Regarding the third solution, Dr. Herfried Wöss observed that all of the revised Russian BITs provide for State-to-State investment arbitration applying all international investment standards contained in the respective BITs as analysed in detail in an article by Anthea Roberts and an OECD working paper by David Graukrodger. It is, therefore, possible – according to Dr. Wöss – that States enter into investment arbitration against Russia to obtain a ruling on liability. In the case of the European Union, this could be coordinated through the European Commission in conjunction with the Member States acting under their respective BITs, considering the provisions of the EU-Russia Partnership and Cooperation Agreement.

Once the ruling on liability has been obtained, the individual investors could then file for investor-State arbitrations concerning the amount of compensation for expropriation and transfer provisions. A leading case in this matter is Mexico v. United States in the matter of Cross-Border Trucking Services. Under Chapter 20 of NAFTA, Mexico claimed that the United States had violated its treaty obligations to afford National Treatment and Most-Favoured Nation treatment to Mexican cross-border trucking services. Mexico argued that these breaches derived from the United States’ failure to lift a moratorium on processing applications by Mexican-owned trucking firms. The Chapter 20 panel determined that the moratorium was inconsistent with NAFTA “even if Mexico cannot identify a particular Mexican national or nationals that have been rejected.” (para.182).

After this initial ruling, in 2009, CANACAR (Cámara Nacional del Autotransporte de Carga) brought an UNCITRAL investor-State arbitration under NAFTA Chapter 11 to seek compensation for violation of national treatment, MFN, and the minimum standard of treatment. However, the case was suspended when the US moratorium was lifted.

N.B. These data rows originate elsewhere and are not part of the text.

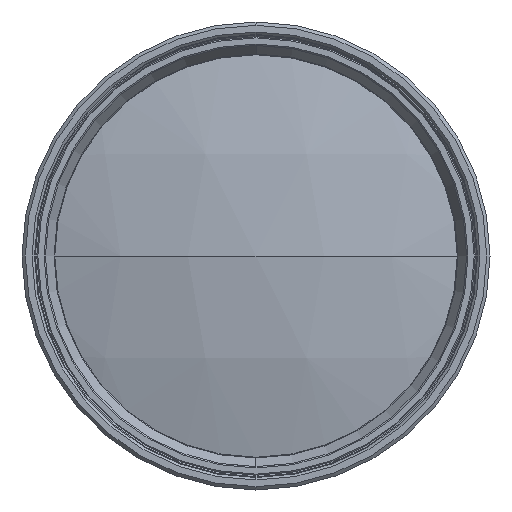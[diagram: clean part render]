
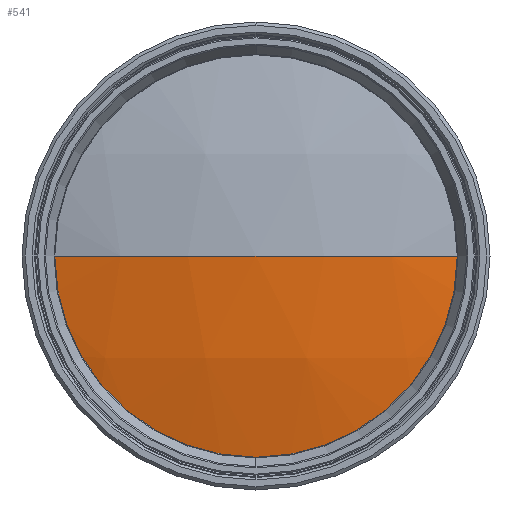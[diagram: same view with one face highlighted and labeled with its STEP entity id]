
A CAD part, left-side view. The second image highlights one B-rep face of the part: STEP entity #541.
In plain terms, the highlighted spherical face has radius 115.5 mm.
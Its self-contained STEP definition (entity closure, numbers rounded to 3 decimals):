
#21 = CARTESIAN_POINT ( 'NONE',  ( 7.301, 0., 0. ) ) ;
#513 = DIRECTION ( 'NONE',  ( 0., 0., 1. ) ) ;
#541 = ADVANCED_FACE ( 'NONE', ( #3024 ), #4158, .T. ) ;
#588 = EDGE_CURVE ( 'NONE', #2260, #1467, #1430, .T. ) ;
#594 = AXIS2_PLACEMENT_3D ( 'NONE', #1066, #4423, #1541 ) ;
#870 = EDGE_LOOP ( 'NONE', ( #1583, #5329, #5629, #1795 ) ) ;
#985 = AXIS2_PLACEMENT_3D ( 'NONE', #5518, #2607, #6005 ) ;
#1066 = CARTESIAN_POINT ( 'NONE',  ( 118.783, 0., 0. ) ) ;
#1430 = CIRCLE ( 'NONE', #594, 115.5 ) ;
#1456 = DIRECTION ( 'NONE',  ( 0., 0., -1. ) ) ;
#1467 = VERTEX_POINT ( 'NONE', #6143 ) ;
#1541 = DIRECTION ( 'NONE',  ( 0., 1., 0. ) ) ;
#1583 = ORIENTED_EDGE ( 'NONE', *, *, #4692, .T. ) ;
#1795 = ORIENTED_EDGE ( 'NONE', *, *, #3845, .T. ) ;
#2235 = AXIS2_PLACEMENT_3D ( 'NONE', #2739, #6126, #3218 ) ;
#2260 = VERTEX_POINT ( 'NONE', #3101 ) ;
#2386 = EDGE_CURVE ( 'NONE', #3362, #1467, #3843, .T. ) ;
#2537 = VERTEX_POINT ( 'NONE', #2731 ) ;
#2607 = DIRECTION ( 'NONE',  ( -1., 0., 0. ) ) ;
#2731 = CARTESIAN_POINT ( 'NONE',  ( 7.301, 0., -30.2 ) ) ;
#2739 = CARTESIAN_POINT ( 'NONE',  ( 118.783, 0., 0. ) ) ;
#2793 = CIRCLE ( 'NONE', #4869, 30.2 ) ;
#3024 = FACE_OUTER_BOUND ( 'NONE', #870, .T. ) ;
#3101 = CARTESIAN_POINT ( 'NONE',  ( 7.301, -30.2, 0. ) ) ;
#3218 = DIRECTION ( 'NONE',  ( 1., 0., 0. ) ) ;
#3258 = CARTESIAN_POINT ( 'NONE',  ( 7.301, 30.2, 0. ) ) ;
#3362 = VERTEX_POINT ( 'NONE', #3258 ) ;
#3376 = DIRECTION ( 'NONE',  ( -1., 0., 0. ) ) ;
#3843 = CIRCLE ( 'NONE', #2235, 115.5 ) ;
#3845 = EDGE_CURVE ( 'NONE', #3362, #2537, #2793, .T. ) ;
#3986 = CIRCLE ( 'NONE', #985, 30.2 ) ;
#4158 = SPHERICAL_SURFACE ( 'NONE', #4574, 115.5 ) ;
#4346 = CARTESIAN_POINT ( 'NONE',  ( 118.783, 0., 0. ) ) ;
#4423 = DIRECTION ( 'NONE',  ( 0., 0., -1. ) ) ;
#4574 = AXIS2_PLACEMENT_3D ( 'NONE', #4346, #1456, #4842 ) ;
#4692 = EDGE_CURVE ( 'NONE', #2537, #2260, #3986, .T. ) ;
#4842 = DIRECTION ( 'NONE',  ( 0., 1., 0. ) ) ;
#4869 = AXIS2_PLACEMENT_3D ( 'NONE', #21, #3376, #513 ) ;
#5329 = ORIENTED_EDGE ( 'NONE', *, *, #588, .T. ) ;
#5518 = CARTESIAN_POINT ( 'NONE',  ( 7.301, 0., 0. ) ) ;
#5629 = ORIENTED_EDGE ( 'NONE', *, *, #2386, .F. ) ;
#6005 = DIRECTION ( 'NONE',  ( 0., 0., 1. ) ) ;
#6126 = DIRECTION ( 'NONE',  ( 0., 0., 1. ) ) ;
#6143 = CARTESIAN_POINT ( 'NONE',  ( 3.283, 0., 0. ) ) ;

3. Enforcement and the Iran-US Claims Tribunal Model

Concerning the enforcement of individual investor-State arbitral awards against the Russian Federation, Nikos Lavranos referred to the model of the Iran-US Claims Tribunal. First, the Tribunal froze US$14 billion of Iranian deposits in the US as a consequence of the US hostage crisis due to the Iranian revolution in 1979. Then, both Iran and the US agreed that the Algerian central banks would receive US$ 1 billion of Iranian funds frozen in the US to pay out successful arbitral awards, and Iran would be obliged to maintain those funds at a minimum of US$500 million leading to more than 1,000 arbitral awards since 1981.

The keynote speaker suggested that the model of the Iran-US Claims Tribunal could be applied to the foreign exchange reserves of the Russian Federation deposited in the Swiss Central bank. However, the precise mechanism would certainly require further analysis.

In fact, the European Commission President Ursula von der Leyen, while speaking at the World Economic Forum in Davos, said that the EU “should leave no stone unturned” for Ukraine’s reconstruction, “including, if possible, [using] the Russian assets that we have frozen.”

Moreover, EU Commissioner Valdis Dombrovskis announced that the “freeze and seize taskforce”— which was set up in April to coordinate the seizure of €30bn worth of assets belonging to Russian oligarchs — will now investigate if “there is an EU basis for confiscation [of central bank assets] within international criminal law.”

Despite the limitations of many BITs concluded by Russia, we have highlighted several options that should be pursued. Most importantly, they need to be complemented by the creation of an international claims’ tribunal that would be able to effectively administer the claims by companies and individuals who are affected by the Russian war against Ukraine.